= Employment policy in the Republic of Ireland =

Legislation relating to employment in the Republic of Ireland governs the provision and content of the contract of employment, payment of wages, length of the working day and working week, and dismissal procedures.

== Individual labor relations ==
The provision of different forms of employment protections in individual labor relations is set by a range of legislative acts, mostly deriving from EU directives. The Terms of Employment (Information) Act 1994 and 2001, stipulates that each employer must provide an employee with a document stating the basic terms of the contract of employment specifically the date of commencement, job title, pay details, place of work, terms and conditions pertaining to the hours of works and the period of time required to be give notice to the employee and the employee if the contract is to be terminated.

Under the Payment of Wages Act 1991, methods for paying wages include commission, bonus payments, holiday pay and sick pay. It does not cover expenses, pensions, or benefits of any other kind. Additionally, the legislation prohibits the reductions of an employee's wage level without their consent or prior agreement, unless under special circumstances or authorized by the virtue of the statute.

The Organization of Working Time Act 1997 pertains to the number of working works employees may achieve. The legislation states that the maximum average working week for employee cannot exceed 48 hours. There are three methods for calculating this average:over a four-month period for most employees, over a six-month period for any worker employed in hospitals, prisons, gas/electricity, airport/docks, agriculture, the security industry, or businesses which have peak periods at specific times of the year, and over a twelve-month period under circumstances in which both the employer and employee have agreed to such a provision.

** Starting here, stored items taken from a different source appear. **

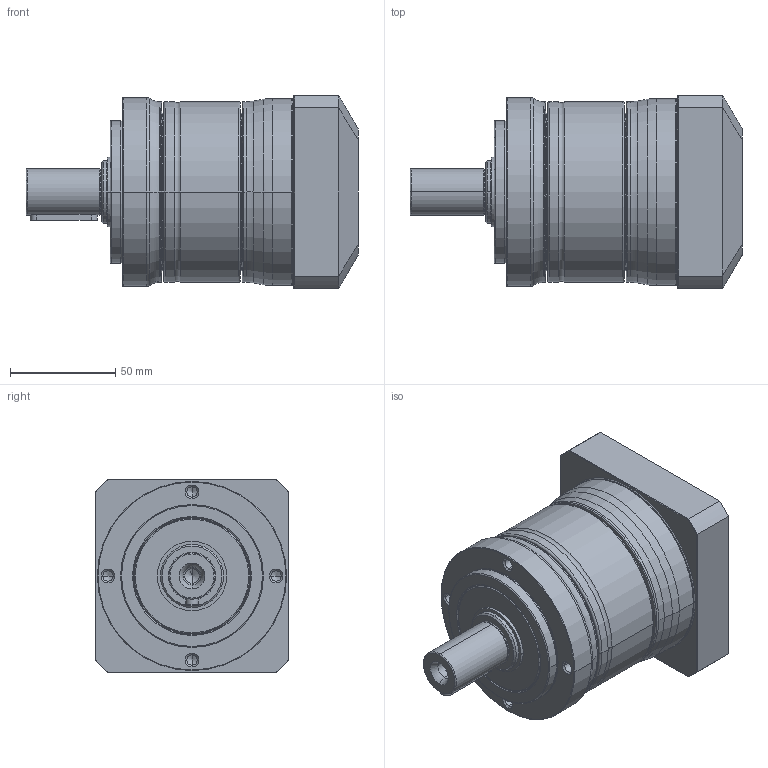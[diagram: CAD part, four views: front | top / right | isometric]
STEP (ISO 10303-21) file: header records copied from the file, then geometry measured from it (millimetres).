
FILE_DESCRIPTION((''),'2;1');
FILE_NAME('PE2-090_1ST_19-P0411400101_ASM','2017-05-26T',('d01943'),(''),'PRO/ENGINEER BY PARAMETRIC TECHNOLOGY CORPORATION, 2008410','PRO/ENGINEER BY PARAMETRIC TECHNOLOGY CORPORATION, 2008410','');
FILE_SCHEMA(('CONFIG_CONTROL_DESIGN'));
Length unit declared in the file: millimetre
Products named in the file (9): P1323310001; P0250300001; P1324300101; P0350301001; P0941301001; P0503400008; P0411400101; P1702500001; PE2-090_1ST_19-P0411400101_ASM
Assembly tree (8 placements, depth 2):
  PE2-090_1ST_19-P0411400101_ASM
    P1323310001
    P0250300001
    P1324300101
    P0350301001
    P0941301001
    P0503400008
    P0411400101
    P1702500001
Bounding box: 158 x 92 x 92 mm (x, y, z)
Volume: 574958.4 mm3; surface area: 135158.2 mm2
Topology: 8 solids, 8 shells, 465 faces, 1019 edges, 584 vertices
Faces by surface type: cone 138, cylinder 136, torus 96, plane 77, bspline 18
Entity records: 17480 total; most frequent: CARTESIAN_POINT 7060, DIRECTION 2373, ORIENTED_EDGE 1974, AXIS2_PLACEMENT_3D 1019, EDGE_CURVE 987, VERTEX_POINT 584, CIRCLE 555, EDGE_LOOP 527

The twelve-month period required approval from the Labour Court. The calculation does not include annual leave, sick leave, or maternity/adoptive/parental leave. On a daily basis, an employer can not require an employee to work more than four hours and thirty minutes without a break of at least fifteen minutes. Nor may an employee require an employee to work a period of more than six hours without a break of at least thirty minutes. Under this legislation employers are also eligible for a specific number of rest periods during the workday and between each work day. Employees are also entitled to four weeks of paid vacation and nine additional public holidays.

The Unfair Dismissals Act 1977 to 2005 pertains to contract terminations that do not involve resignation or retirement. Under the Unfair Dismissals Act, employees are protected from dismissal if there is a lack of substantial justification for the termination of an employee contract. Unfair dismissal can be justified if the employer can prove the decision was based on the capability and or the competence of in the qualifications of the employee for the work they were employed to do, the employee's conduct, redundancy, or the fact that the continuation of the employment would contravene another statutory requirement.

Additionally, employees are protected if the employer did not follow fair and legal procedures during the process of dismissal. If either of these two conditions are met, an employee may appeal to an Employment Appeal Tribunal which oversees claims of unfair dismissal. The Employment Appeals Tribunal consists of a chairman, Vice Chairman together with an equal number of members selected by the Irish Congress of Trade Unions and various employer organizations. If the tribunal find in favor of the employee, they can be entitled to reinstatement or be awarded compensation up to a maximum of two years' remuneration.